## Exercise instructions
In the data below, retype exactly the line that contains "# Materials" and every line after it, through the last.

## Data records
- - -

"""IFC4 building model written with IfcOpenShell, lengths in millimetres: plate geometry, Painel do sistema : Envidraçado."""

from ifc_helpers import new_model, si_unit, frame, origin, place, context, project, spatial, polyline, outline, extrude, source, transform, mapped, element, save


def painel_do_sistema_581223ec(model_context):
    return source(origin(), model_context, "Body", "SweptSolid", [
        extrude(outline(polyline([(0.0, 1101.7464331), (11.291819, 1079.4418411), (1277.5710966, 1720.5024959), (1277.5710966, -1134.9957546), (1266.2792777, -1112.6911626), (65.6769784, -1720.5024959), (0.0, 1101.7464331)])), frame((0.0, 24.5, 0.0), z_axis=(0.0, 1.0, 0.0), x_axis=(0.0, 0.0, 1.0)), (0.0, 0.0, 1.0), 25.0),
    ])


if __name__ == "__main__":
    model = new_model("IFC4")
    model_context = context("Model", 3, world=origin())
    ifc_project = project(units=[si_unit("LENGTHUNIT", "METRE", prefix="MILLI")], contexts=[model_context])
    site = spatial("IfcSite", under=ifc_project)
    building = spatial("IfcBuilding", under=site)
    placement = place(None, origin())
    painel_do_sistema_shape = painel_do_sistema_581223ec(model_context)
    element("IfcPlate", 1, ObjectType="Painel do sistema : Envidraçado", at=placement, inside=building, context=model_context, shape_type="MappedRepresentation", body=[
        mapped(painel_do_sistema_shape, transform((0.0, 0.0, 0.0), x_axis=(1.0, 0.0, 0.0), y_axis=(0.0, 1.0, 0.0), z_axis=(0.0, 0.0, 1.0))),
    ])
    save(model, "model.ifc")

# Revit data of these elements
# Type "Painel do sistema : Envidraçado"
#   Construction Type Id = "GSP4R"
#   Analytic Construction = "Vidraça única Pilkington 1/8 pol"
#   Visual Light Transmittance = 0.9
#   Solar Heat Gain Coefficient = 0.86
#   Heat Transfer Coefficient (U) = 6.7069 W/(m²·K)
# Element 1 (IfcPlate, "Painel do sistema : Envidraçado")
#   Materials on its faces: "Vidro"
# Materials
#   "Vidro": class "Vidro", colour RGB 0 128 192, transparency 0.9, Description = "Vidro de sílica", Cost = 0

- - -

## Result for this exercise
# Materials
#   "Vidro": class "Vidro", colour RGB 0 128 192, transparency 0.9, Description = "Vidro de sílica", Cost = 0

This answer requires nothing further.